Asia-Pacific is expected to remain dominant throughout the forecast period attributable to increased antibiotics consumption, their easy availability, and rise in sale of over-the-counter drugs. However, LAMEA is expected to experience the highest growth rate during the forecast period, majorly due to no obligations on antibiotics use in this region.

The report provides a comprehensive analysis of the key players operating in the global antibiotics market, namely, Abbott Laboratories, Allergan Plc., F.Hoffmann-La Roche Ltd., GlaxoSmithKline Plc, Merck & Co. Inc., Mylan N.V., Novartis International AG (Sandoz), Pfizer Inc., Sanofi, and Teva Pharmaceutical Industries Ltd.

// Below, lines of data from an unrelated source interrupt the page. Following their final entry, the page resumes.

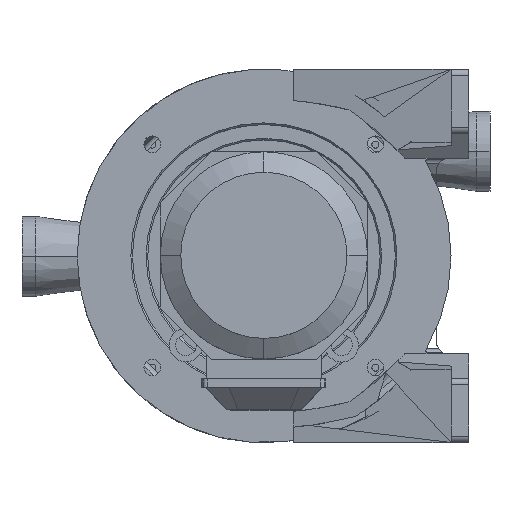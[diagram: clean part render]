
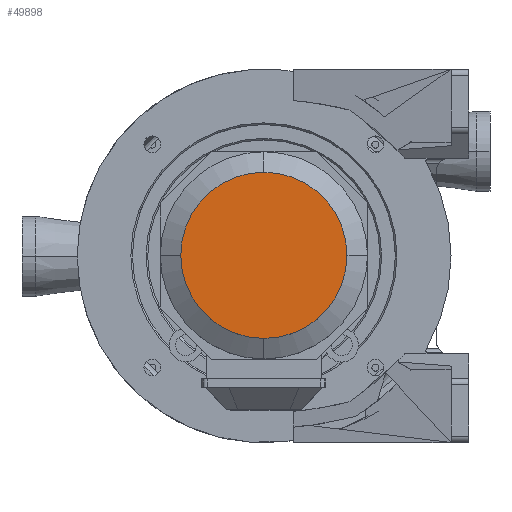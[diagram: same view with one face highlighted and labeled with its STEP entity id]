
A CAD part, top view. The second image highlights one B-rep face of the part: STEP entity #49898.
In plain terms, the highlighted planar face has unit normal (0, 0, 1).
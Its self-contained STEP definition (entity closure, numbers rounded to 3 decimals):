
#45121=CARTESIAN_POINT('',(0.,-79.,432.5));
#45122=VERTEX_POINT('',#45121);
#45129=CARTESIAN_POINT('',(0.,79.,432.5));
#45130=VERTEX_POINT('',#45129);
#45131=CARTESIAN_POINT('',(0.,0.,432.5));
#45132=DIRECTION('',(0.0,0.0,1.0));
#45133=DIRECTION('',(0.0,-1.0,0.0));
#45134=AXIS2_PLACEMENT_3D('',#45131,#45132,#45133);
#45135=CIRCLE('',#45134,79.0);
#45136=EDGE_CURVE('',#45130,#45122,#45135,.T.);
#49883=CARTESIAN_POINT('',(-86.9,86.9,432.5));
#49884=DIRECTION('',(0.0,0.0,1.0));
#49885=DIRECTION('',(0.0,-1.0,0.0));
#49886=AXIS2_PLACEMENT_3D('',#49883,#49884,#49885);
#49887=PLANE('',#49886);
#49888=CARTESIAN_POINT('',(0.,0.,432.5));
#49889=DIRECTION('',(0.0,0.0,1.0));
#49890=DIRECTION('',(0.0,-1.0,0.0));
#49891=AXIS2_PLACEMENT_3D('',#49888,#49889,#49890);
#49892=CIRCLE('',#49891,79.0);
#49893=EDGE_CURVE('',#45122,#45130,#49892,.T.);
#49894=ORIENTED_EDGE('',*,*,#49893,.T.);
#49895=ORIENTED_EDGE('',*,*,#45136,.T.);
#49896=EDGE_LOOP('',(#49894,#49895));
#49897=FACE_OUTER_BOUND('',#49896,.T.);
#49898=ADVANCED_FACE('',(#49897),#49887,.T.);
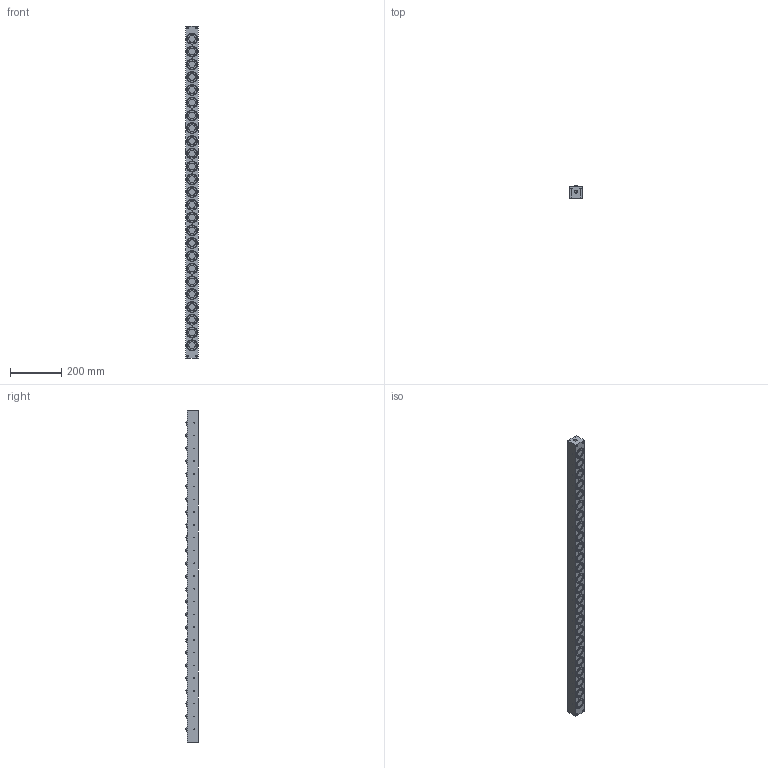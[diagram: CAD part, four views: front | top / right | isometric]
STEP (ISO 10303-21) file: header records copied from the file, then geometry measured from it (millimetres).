
FILE_DESCRIPTION (( 'STEP AP203' ), '1' );
FILE_NAME ('PVL55SW-25.STEP', '2016-02-18T08:37:20', ( '' ), ( '' ), 'SwSTEP 2.0', 'SolidWorks 2013', '' );
FILE_SCHEMA (( 'CONFIG_CONTROL_DESIGN' ));
Length unit declared in the file: millimetre
Products named in the file (1): PVL55SW-25
Bounding box: 49 x 50 x 1300 mm (x, y, z)
Volume: 2757093.1 mm3; surface area: 319203.8 mm2
Topology: 2 solids, 2 shells, 1173 faces, 2735 edges, 1745 vertices
Faces by surface type: cylinder 722, plane 295, cone 106, sphere 50
Entity records: 33558 total; most frequent: DIRECTION 6577, CARTESIAN_POINT 5550, ORIENTED_EDGE 5262, AXIS2_PLACEMENT_3D 2772, EDGE_CURVE 2631, VERTEX_POINT 1745, CIRCLE 1598, EDGE_LOOP 1464
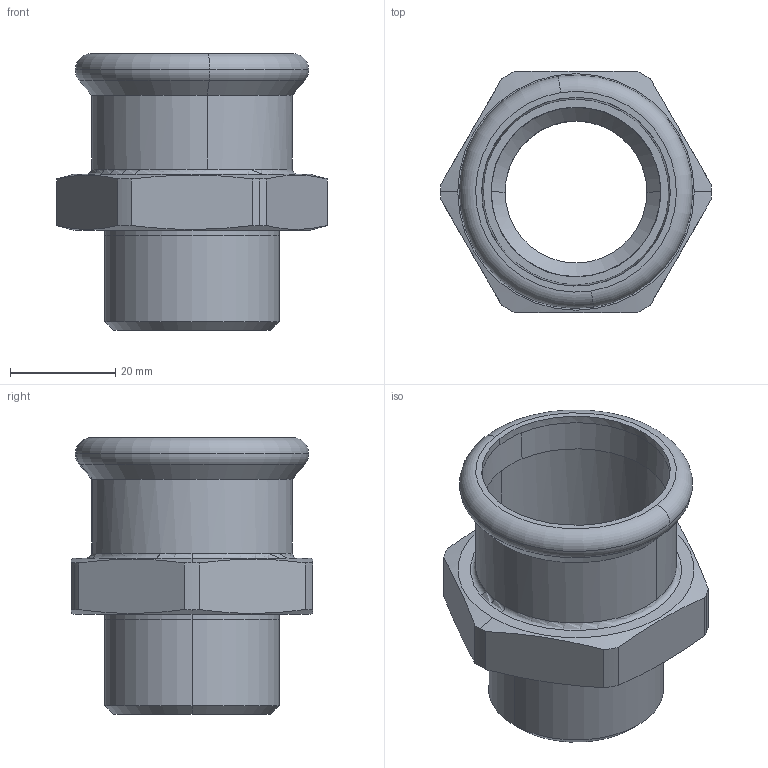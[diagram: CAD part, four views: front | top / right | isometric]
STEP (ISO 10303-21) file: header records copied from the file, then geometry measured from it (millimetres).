
FILE_DESCRIPTION(('CoCreate Modeling STEP Export'),'2;1');
FILE_NAME('C1405 35xR1.stp','2015-08-10T15:09:30',(''),(''),'CoCreate Modeling STEP processor for AP214 (Solid Model)','CoCreate Modeling 17.00A 17-Jun-2010 (C) Parametric Technology GmbH','');
FILE_SCHEMA(('AUTOMOTIVE_DESIGN { 1 0 10303 214 1 1 1 1 }'));
Length unit declared in the file: millimetre
Products named in the file (2): 624142.2; C1405-35xR1
Assembly tree (1 placements, depth 2):
  C1405-35xR1
    624142.2
Bounding box: 51.5 x 46 x 52.7 mm (x, y, z)
Volume: 22758.2 mm3; surface area: 14122.5 mm2
Topology: 1 solids, 1 shells, 55 faces, 144 edges, 94 vertices
Faces by surface type: cylinder 24, cone 14, plane 11, torus 6
Entity records: 2141 total; most frequent: CARTESIAN_POINT 941, ORIENTED_EDGE 288, DIRECTION 186, EDGE_CURVE 144, VERTEX_POINT 94, AXIS2_PLACEMENT_3D 71, EDGE_LOOP 60, FACE_OUTER_BOUND 55
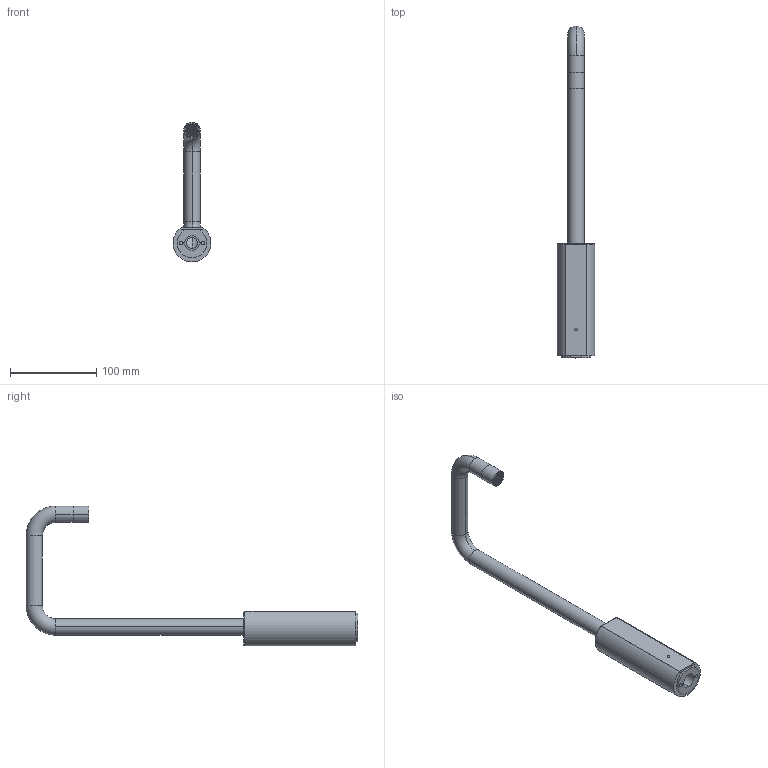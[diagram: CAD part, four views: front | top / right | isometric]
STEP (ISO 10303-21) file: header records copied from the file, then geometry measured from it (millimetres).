
FILE_DESCRIPTION (( 'STEP AP203' ), '1' );
FILE_NAME ('T1_1.STEP', '2022-03-29T14:19:18', ( '' ), ( '' ), 'SwSTEP 2.0', 'SolidWorks 2021', '' );
FILE_SCHEMA (( 'CONFIG_CONTROL_DESIGN' ));
Length unit declared in the file: millimetre
Products named in the file (1): T1_1
Bounding box: 43.95 x 385.52 x 162.47 mm (x, y, z)
Surface area: 56020.7 mm2 (no closed solid volume)
Topology: 0 solids, 94 shells, 186 faces, 895 edges, 801 vertices
Faces by surface type: plane 110, cylinder 66, torus 6, cone 2, bspline 2
Entity records: 9648 total; most frequent: CARTESIAN_POINT 3143, DIRECTION 1189, ORIENTED_EDGE 1033, EDGE_CURVE 895, VERTEX_POINT 801, LINE 607, VECTOR 607, AXIS2_PLACEMENT_3D 291
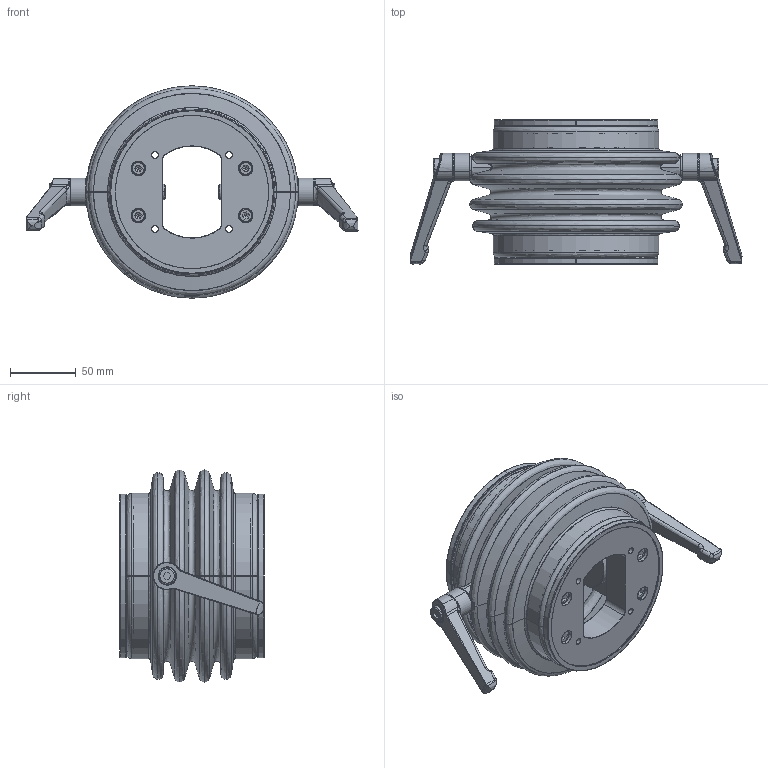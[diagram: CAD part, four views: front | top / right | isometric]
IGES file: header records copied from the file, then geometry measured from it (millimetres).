
Start section: SolidWorks IGES file using analytic representation for surfaces
Global section: file name: P:\SAGINAW_CONTROL\designers\tucker-dobrinski\WEBSITE-CATALOG IMAGES\WEB JPG\SUSPENSION SYSTEM\WEB-FILES\WEB-FILES\SCE-SA45IA\sce-sa45ia.igs; native system: SolidWorks 2016; preprocessor: SolidWorks 2016; author: Eplan; date: 180730.113308; units: inch
Bounding box: 253.43 x 110 x 161.98 mm (x, y, z)
Surface area: 319532 mm2 (no closed solid volume)
Topology: 0 solids, 0 shells, 937 faces, 10500 edges, 10463 vertices
Faces by surface type: bspline 569, revolution 368
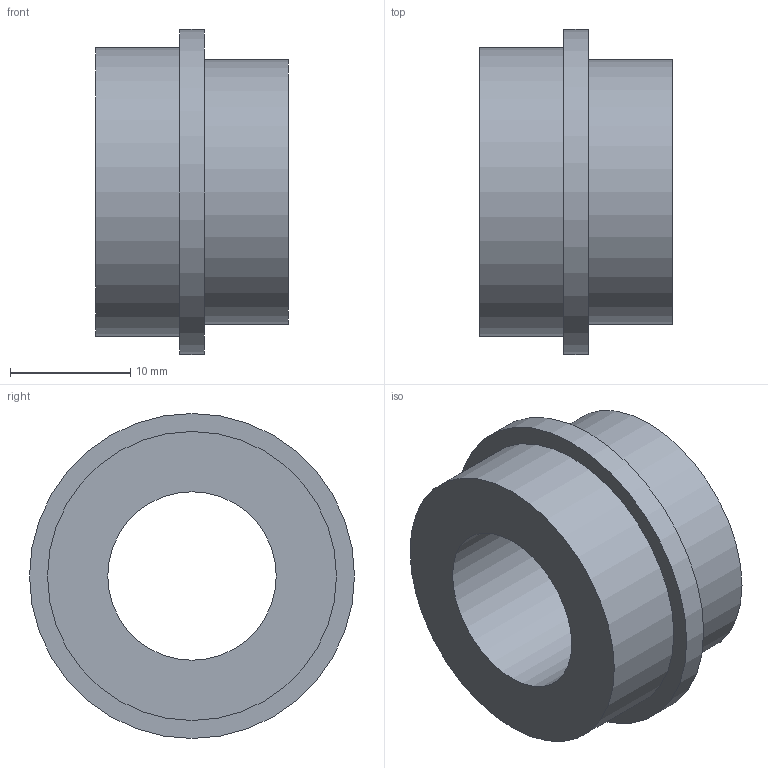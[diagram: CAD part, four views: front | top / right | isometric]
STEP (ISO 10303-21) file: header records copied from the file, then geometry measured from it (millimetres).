
FILE_DESCRIPTION(('Open CASCADE Model'),'2;1');
FILE_NAME('Open CASCADE Shape Model','2026-10-24T14:13:33',('Author'),( 'Open CASCADE'),'Open CASCADE STEP processor 7.9','Open CASCADE 7.9' ,'Unknown');
FILE_SCHEMA(('AUTOMOTIVE_DESIGN { 1 0 10303 214 1 1 1 1 }'));
Length unit declared in the file: millimetre
Products named in the file (1): Open CASCADE STEP translator 7.9 9
Bounding box: 16 x 27 x 27 mm (x, y, z)
Volume: 4509.8 mm3; surface area: 2722.2 mm2
Topology: 1 solids, 1 shells, 8 faces, 12 edges, 8 vertices
Faces by surface type: plane 4, cylinder 4
Full cylindrical faces by diameter (mm): 14 x1, 22 x1, 24 x1, 27 x1
Entity records: 354 total; most frequent: DIRECTION 62, CARTESIAN_POINT 53, ORIENTED_EDGE 24, PCURVE 24, DEFINITIONAL_REPRESENTATION 24, LINE 20, VECTOR 20, AXIS2_PLACEMENT_3D 17
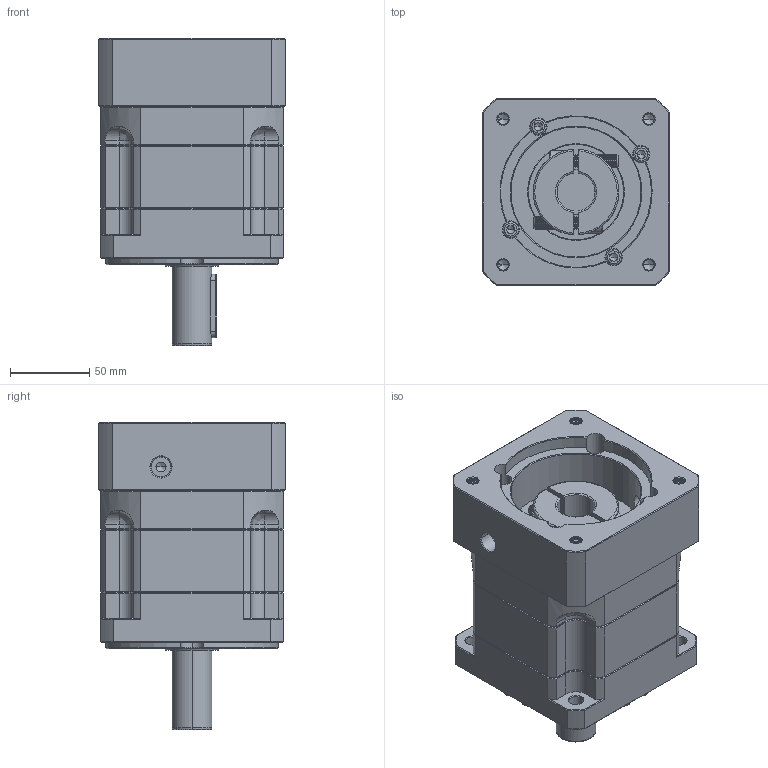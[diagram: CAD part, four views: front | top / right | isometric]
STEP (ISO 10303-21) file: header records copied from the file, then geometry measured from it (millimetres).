
FILE_DESCRIPTION (( 'STEP AP214' ), '1' );
FILE_NAME ('ZB115A-D25-L1-24-95-130-M8.step', '2023-03-02T08:56:42', ( '' ), ( 'Microsoft' ), 'SwSTEP 2.0', 'SolidWorks 2016', '' );
FILE_SCHEMA (( 'AUTOMOTIVE_DESIGN' ));
Length unit declared in the file: millimetre
Products named in the file (1): ZB115A-D25-L1-24-95-130-M8
Bounding box: 118 x 118 x 193.5 mm (x, y, z)
Volume: 1561658 mm3; surface area: 169017.8 mm2
Topology: 6 solids, 6 shells, 2123 faces, 5497 edges, 3465 vertices
Faces by surface type: plane 964, cylinder 444, cone 370, bspline 325, torus 20
Entity records: 113593 total; most frequent: CARTESIAN_POINT 41305, ORIENTED_EDGE 10926, DIRECTION 8970, EDGE_CURVE 5463, VERTEX_POINT 3465, LINE 3380, VECTOR 3380, AXIS2_PLACEMENT_3D 2795

The other players in the value chain include Aurobindo Pharma, Bayer HealthCare, Eli Lilly, Lupin Pharmaceuticals, Sun Pharmaceutical, Shionogi, and others.


Key Findings of the Antibiotics Market:
  • Based on spectrum of activity, the broad-spectrum antibiotic segment is expected to experience rapid growth in the market, and is projected to grow at a CAGR of 2.4% from 2018 to 2025.
  • Depending on route of administration, the oral segment is expected to exhibit the highest CAGR during the forecast period.
  • By drug origin, the semisynthetic segment was the major revenue contributor in 2017, and is anticipated to continue this trend during the forecast period.
  • U.S. generated the highest revenue in the global antibiotics market in 2017, accounting for more than one-fifth of the global market in 2017.
  • LAMEA is estimated to grow at a CAGR of 3.5% during the forecast period.